→ **How to complete this task**: Read the lines below. Copy out any that hold the string "linetype".

[Stored data entries]
=== Begin Enclosure ===
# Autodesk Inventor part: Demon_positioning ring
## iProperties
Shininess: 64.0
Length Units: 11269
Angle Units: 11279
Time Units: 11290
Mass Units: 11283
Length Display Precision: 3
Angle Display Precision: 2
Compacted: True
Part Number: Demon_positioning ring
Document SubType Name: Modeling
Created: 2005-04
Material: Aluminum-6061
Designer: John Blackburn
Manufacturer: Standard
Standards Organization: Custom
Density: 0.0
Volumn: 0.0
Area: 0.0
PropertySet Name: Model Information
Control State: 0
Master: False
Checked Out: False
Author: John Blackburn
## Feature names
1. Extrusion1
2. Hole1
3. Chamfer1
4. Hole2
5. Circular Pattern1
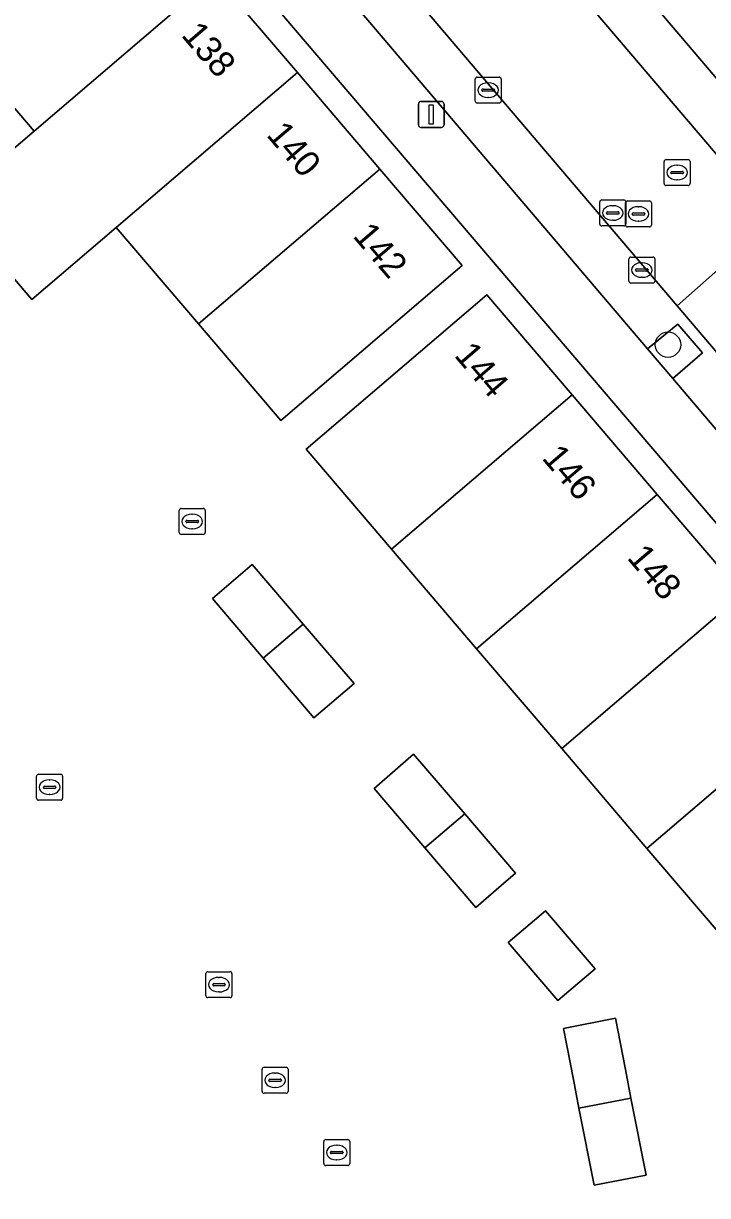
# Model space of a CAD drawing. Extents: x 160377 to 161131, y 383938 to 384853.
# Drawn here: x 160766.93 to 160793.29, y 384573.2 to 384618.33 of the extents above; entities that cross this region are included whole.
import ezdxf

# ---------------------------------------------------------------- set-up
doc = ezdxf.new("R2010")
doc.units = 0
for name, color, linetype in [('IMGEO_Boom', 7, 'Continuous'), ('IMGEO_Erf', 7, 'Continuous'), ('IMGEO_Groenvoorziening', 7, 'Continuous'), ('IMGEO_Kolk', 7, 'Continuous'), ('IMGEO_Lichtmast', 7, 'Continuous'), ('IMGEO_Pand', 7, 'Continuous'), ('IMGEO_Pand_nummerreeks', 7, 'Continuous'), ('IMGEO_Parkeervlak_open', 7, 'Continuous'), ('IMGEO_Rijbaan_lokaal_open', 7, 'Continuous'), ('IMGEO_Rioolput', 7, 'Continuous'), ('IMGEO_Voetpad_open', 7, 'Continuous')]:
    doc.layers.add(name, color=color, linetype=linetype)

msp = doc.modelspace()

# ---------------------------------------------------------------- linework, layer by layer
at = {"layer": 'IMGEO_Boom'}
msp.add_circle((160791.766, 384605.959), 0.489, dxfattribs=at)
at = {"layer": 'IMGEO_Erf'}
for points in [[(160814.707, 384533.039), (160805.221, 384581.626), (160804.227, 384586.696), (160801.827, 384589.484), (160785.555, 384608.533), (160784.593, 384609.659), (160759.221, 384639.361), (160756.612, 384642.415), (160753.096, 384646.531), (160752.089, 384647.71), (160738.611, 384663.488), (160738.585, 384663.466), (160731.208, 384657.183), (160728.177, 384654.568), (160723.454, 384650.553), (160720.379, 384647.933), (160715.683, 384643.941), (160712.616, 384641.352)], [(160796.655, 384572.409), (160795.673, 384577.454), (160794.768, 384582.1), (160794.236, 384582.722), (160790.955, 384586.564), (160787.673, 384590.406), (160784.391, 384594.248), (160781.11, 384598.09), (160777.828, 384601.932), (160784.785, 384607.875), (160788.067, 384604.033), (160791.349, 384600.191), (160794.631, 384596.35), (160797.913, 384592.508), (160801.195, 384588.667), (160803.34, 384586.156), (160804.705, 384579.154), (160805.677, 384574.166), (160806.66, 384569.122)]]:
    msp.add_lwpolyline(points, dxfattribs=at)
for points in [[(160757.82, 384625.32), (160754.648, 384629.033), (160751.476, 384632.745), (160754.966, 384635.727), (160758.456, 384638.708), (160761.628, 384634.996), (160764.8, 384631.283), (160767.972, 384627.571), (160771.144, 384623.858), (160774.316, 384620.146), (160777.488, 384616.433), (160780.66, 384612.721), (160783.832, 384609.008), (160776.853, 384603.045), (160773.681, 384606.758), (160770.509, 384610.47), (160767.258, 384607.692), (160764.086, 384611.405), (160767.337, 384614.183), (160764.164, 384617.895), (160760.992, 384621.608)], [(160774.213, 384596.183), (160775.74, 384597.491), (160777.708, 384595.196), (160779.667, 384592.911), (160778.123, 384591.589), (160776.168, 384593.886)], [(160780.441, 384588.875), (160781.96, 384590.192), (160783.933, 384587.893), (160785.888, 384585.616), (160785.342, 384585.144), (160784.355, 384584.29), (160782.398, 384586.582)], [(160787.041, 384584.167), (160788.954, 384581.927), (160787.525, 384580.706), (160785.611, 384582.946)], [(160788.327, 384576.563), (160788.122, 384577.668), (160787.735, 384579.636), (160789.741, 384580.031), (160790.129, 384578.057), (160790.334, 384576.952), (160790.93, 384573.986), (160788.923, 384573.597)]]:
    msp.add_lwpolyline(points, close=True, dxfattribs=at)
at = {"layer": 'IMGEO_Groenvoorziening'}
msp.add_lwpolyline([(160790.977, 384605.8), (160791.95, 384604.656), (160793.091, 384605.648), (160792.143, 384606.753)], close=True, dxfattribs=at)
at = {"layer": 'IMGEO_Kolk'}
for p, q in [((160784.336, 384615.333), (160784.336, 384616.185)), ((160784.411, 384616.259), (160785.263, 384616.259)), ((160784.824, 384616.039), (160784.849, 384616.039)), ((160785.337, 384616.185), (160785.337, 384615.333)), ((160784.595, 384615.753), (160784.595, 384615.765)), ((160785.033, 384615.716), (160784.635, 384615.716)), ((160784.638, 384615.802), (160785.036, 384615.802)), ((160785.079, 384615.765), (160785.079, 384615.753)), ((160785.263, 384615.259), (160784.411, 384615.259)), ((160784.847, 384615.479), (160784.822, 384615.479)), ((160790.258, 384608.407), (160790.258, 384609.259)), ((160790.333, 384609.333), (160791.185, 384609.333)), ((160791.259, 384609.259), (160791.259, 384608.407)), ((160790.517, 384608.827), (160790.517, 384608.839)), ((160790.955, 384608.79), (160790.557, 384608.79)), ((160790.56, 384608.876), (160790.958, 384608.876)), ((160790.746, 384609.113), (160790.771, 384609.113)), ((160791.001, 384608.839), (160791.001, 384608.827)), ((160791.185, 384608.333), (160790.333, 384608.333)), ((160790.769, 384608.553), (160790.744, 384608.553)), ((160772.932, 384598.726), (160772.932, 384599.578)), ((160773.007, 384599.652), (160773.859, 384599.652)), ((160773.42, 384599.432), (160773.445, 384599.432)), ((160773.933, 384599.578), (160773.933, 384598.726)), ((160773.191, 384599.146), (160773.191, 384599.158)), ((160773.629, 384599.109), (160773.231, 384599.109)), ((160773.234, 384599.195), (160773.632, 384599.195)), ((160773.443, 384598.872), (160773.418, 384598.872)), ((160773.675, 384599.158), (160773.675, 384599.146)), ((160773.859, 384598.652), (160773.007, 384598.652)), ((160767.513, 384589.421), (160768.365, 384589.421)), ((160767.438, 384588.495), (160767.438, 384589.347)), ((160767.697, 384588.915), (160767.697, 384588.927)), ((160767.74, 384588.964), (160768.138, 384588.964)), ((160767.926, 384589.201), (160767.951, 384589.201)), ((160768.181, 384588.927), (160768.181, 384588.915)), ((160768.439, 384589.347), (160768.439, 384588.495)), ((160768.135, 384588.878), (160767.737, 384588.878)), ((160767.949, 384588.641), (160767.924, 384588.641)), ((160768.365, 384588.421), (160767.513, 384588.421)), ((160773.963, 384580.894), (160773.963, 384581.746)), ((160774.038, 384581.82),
=== End Enclosure ===
→ **Solution to the problem**:
for name, color, linetype in [('IMGEO_Boom', 7, 'Continuous'), ('IMGEO_Erf', 7, 'Continuous'), ('IMGEO_Groenvoorziening', 7, 'Continuous'), ('IMGEO_Kolk', 7, 'Continuous'), ('IMGEO_Lichtmast', 7, 'Continuous'), ('IMGEO_Pand', 7, 'Continuous'), ('IMGEO_Pand_nummerreeks', 7, 'Continuous'), ('IMGEO_Parkeervlak_open', 7, 'Continuous'), ('IMGEO_Rijbaan_lokaal_open', 7, 'Continuous'), ('IMGEO_Rioolput', 7, 'Continuous'), ('IMGEO_Voetpad_open', 7, 'Continuous')]:
    doc.layers.add(name, color=color, linetype=linetype)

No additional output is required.